After leaving the ACLU, Jacobs joined the nonprofit Ms. Foundation for Women, serving as vice president for advocacy and policy between 2012 and 2014.
In 2014, she opened Get it Right Consulting in the St. Louis area, where she provided strategic communication for the Don’t Shoot Coalition formed in response to the highly publicized police shooting of an unarmed black man, Michael Brown, by a white officer in Ferguson, Mo.
County Council Chairman Joe McDermott said Jacobs’ work related to Ferguson impressed the council, as well as her national profile and her expertise on oversight and management.
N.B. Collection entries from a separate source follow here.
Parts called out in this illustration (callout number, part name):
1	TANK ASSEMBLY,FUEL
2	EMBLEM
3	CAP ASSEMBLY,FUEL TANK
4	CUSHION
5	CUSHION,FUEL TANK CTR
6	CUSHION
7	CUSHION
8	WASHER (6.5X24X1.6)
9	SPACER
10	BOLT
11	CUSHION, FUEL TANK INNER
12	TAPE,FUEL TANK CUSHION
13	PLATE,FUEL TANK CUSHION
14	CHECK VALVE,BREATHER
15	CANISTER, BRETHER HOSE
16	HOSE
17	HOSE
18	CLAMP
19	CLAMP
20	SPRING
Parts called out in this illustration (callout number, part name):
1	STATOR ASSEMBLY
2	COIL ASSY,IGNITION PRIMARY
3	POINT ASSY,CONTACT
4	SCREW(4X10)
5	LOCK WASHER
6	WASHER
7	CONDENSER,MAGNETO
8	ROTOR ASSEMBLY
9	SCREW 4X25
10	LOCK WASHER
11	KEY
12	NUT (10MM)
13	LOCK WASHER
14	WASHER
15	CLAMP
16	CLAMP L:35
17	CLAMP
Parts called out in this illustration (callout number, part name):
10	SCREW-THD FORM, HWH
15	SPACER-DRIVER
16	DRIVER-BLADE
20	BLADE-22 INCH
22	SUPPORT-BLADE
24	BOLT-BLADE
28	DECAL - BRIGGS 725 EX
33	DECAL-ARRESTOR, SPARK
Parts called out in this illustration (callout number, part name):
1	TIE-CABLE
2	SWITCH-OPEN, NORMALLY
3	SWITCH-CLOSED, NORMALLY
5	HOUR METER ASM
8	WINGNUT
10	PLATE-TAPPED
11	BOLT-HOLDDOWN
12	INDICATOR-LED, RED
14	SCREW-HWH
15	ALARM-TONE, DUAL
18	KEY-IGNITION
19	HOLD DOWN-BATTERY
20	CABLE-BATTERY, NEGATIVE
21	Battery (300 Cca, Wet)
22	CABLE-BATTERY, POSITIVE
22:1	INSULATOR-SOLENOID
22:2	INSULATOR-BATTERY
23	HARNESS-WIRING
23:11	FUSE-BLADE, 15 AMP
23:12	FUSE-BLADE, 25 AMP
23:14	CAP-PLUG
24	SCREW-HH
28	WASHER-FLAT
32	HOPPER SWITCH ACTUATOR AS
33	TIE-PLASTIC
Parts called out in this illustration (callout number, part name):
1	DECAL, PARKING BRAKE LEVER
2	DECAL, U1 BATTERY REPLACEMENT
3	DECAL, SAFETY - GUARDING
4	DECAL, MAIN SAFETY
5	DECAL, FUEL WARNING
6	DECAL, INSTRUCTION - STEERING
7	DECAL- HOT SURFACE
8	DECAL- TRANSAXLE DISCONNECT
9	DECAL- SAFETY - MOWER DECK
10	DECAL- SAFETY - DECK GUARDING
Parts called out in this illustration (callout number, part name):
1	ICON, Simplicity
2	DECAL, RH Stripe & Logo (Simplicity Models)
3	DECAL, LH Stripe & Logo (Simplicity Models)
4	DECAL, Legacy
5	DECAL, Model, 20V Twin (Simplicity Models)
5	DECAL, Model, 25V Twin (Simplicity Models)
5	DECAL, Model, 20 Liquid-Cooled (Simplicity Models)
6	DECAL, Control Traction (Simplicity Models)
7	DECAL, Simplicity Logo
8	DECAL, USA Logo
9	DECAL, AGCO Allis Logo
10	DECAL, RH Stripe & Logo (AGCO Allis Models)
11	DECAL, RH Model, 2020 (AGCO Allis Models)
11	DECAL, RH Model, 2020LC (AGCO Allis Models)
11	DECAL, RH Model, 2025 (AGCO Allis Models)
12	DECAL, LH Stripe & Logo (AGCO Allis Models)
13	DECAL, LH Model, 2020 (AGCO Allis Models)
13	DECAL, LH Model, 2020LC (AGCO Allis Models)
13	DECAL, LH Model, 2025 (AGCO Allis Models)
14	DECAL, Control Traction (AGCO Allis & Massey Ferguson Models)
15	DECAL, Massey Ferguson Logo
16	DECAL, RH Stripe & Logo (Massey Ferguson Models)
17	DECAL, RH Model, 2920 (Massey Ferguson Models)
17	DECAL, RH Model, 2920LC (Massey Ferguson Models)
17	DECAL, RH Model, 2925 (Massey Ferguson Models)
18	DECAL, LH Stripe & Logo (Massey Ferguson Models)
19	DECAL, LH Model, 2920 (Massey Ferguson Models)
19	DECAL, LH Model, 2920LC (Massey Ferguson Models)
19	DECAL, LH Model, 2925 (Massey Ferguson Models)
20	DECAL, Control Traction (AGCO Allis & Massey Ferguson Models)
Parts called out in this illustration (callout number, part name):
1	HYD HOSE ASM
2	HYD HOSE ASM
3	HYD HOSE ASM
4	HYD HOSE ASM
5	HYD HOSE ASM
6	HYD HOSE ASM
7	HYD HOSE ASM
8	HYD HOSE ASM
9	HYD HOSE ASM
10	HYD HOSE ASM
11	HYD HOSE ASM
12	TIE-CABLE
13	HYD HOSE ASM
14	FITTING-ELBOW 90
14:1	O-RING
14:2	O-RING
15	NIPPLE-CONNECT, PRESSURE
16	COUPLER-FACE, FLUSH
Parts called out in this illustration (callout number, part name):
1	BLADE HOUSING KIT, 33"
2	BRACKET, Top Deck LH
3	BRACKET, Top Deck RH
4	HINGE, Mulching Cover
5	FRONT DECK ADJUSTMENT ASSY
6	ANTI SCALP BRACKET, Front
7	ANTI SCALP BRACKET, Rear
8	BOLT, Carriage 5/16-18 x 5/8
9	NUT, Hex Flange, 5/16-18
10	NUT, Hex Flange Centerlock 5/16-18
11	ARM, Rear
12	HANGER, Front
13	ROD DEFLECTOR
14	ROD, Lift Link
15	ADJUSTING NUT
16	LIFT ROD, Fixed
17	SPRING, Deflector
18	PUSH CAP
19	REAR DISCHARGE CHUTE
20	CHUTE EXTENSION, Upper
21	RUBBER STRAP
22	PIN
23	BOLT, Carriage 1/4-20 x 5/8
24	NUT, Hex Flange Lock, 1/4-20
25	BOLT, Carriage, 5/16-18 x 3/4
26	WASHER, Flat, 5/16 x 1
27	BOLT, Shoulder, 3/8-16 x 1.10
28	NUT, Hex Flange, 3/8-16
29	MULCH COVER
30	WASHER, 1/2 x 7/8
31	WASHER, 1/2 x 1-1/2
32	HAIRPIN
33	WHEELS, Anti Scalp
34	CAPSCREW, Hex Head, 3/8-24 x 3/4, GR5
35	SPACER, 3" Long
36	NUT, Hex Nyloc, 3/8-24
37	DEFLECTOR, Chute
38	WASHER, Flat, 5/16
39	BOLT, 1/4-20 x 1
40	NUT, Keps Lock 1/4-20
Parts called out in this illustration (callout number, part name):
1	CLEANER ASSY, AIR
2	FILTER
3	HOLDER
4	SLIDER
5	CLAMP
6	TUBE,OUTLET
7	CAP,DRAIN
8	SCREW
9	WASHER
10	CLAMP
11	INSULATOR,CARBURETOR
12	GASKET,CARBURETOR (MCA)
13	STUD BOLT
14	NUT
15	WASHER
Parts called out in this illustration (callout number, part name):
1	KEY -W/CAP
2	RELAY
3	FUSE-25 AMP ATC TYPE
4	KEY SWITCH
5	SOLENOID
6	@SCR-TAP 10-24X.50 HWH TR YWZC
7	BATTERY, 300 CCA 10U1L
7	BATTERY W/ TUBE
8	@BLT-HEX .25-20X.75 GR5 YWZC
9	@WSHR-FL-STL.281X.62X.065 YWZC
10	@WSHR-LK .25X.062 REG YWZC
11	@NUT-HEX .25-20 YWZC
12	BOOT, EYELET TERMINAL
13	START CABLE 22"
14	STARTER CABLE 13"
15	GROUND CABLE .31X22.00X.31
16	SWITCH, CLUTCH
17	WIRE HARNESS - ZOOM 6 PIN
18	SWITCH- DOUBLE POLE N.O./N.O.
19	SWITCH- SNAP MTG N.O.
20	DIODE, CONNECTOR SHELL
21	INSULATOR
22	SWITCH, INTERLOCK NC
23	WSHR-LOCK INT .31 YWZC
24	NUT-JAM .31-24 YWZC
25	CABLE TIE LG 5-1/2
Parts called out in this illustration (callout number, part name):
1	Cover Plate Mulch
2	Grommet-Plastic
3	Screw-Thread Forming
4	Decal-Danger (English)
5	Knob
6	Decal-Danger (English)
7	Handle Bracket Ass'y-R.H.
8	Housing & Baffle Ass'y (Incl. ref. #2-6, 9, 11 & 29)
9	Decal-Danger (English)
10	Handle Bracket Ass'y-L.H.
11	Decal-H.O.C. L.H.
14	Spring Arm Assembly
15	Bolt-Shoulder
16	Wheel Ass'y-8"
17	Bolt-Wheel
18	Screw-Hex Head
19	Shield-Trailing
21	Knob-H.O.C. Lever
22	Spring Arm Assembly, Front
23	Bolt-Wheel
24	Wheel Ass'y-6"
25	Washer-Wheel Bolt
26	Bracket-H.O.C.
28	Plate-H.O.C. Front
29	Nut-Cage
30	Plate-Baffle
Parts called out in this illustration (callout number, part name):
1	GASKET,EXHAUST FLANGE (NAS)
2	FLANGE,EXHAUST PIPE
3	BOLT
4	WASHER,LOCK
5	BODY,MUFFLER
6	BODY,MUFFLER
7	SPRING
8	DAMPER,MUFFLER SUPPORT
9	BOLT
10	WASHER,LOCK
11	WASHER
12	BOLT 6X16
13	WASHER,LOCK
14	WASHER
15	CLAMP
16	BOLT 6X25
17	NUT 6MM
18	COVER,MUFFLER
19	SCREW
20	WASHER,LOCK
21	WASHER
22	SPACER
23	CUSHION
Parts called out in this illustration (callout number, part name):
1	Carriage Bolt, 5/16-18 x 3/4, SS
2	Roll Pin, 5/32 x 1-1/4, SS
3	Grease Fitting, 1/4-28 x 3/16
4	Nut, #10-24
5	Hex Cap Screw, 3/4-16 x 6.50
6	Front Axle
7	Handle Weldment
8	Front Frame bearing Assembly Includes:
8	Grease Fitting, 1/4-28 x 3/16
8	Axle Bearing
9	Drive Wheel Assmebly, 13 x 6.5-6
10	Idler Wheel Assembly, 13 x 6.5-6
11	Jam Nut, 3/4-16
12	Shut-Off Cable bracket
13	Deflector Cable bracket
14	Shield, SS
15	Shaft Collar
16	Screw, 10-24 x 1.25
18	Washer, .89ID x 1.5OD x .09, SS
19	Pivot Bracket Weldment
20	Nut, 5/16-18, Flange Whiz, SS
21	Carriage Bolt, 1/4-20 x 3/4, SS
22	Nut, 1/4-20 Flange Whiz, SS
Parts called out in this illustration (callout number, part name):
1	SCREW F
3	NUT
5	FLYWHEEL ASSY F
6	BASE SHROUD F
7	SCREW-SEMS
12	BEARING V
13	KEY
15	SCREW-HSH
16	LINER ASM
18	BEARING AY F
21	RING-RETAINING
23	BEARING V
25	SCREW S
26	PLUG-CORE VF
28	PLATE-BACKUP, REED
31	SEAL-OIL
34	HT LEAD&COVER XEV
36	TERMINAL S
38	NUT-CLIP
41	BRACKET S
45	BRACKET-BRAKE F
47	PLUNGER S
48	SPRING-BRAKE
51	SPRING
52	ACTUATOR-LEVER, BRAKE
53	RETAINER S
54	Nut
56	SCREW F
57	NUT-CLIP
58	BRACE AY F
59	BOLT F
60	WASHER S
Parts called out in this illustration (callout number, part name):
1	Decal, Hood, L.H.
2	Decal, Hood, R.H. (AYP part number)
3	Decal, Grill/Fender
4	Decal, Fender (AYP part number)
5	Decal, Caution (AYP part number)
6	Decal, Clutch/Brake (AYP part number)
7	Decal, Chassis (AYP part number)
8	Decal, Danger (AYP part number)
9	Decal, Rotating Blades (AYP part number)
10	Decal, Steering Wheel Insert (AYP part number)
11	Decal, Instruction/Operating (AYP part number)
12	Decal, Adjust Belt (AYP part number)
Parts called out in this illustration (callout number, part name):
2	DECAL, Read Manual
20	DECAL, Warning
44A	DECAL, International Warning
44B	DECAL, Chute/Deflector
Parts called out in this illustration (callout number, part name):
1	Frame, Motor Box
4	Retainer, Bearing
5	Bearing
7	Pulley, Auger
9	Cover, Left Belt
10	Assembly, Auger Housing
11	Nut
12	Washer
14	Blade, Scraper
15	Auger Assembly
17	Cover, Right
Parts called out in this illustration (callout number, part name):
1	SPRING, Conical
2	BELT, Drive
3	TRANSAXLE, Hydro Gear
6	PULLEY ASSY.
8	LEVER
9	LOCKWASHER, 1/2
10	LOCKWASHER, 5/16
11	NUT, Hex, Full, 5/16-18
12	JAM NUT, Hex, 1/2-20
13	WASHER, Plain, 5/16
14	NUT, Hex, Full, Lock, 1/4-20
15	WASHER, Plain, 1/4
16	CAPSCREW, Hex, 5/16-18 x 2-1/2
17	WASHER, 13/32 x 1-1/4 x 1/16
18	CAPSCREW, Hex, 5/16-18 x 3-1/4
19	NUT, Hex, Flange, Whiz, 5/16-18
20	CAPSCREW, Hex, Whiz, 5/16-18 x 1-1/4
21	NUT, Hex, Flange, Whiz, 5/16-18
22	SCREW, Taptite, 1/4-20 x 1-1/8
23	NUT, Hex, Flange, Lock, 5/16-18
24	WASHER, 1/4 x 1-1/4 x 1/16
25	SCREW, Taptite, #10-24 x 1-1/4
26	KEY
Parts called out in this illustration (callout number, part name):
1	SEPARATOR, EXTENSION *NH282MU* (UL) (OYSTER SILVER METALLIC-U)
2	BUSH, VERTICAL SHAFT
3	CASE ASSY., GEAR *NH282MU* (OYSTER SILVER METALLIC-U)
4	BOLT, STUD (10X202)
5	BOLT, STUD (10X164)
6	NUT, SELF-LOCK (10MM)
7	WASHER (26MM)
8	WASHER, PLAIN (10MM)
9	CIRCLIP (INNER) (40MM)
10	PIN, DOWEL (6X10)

“People seek her out for knowledge and expertise …,” McDermott said, noting Jacobs has the potential to shape OLEO and make it into a leading police-oversight agency.
McDermott said that while Urquhart is doing a good job, he won’t always be managing the Sheriff’s Office.
He said the King County Police Officers Guild opposed the ballot measure, but participated in the hiring process and supported the decision to select Jacobs. A guild official couldn’t be reached.
Jacobs, appointed to a four-year term, will earn a salary of $152,282.
Among her top priorities, she said, is buttressing community outreach, meeting with the citizen advisory committee and evaluating whether OLEO’s staffing, which includes three other people, is adequate, an issue cited in three external reports.
Even as the county faces a budget shortfall, she said she is likely to seek more staff to meet the volume of work and make OLEO a strong advocate.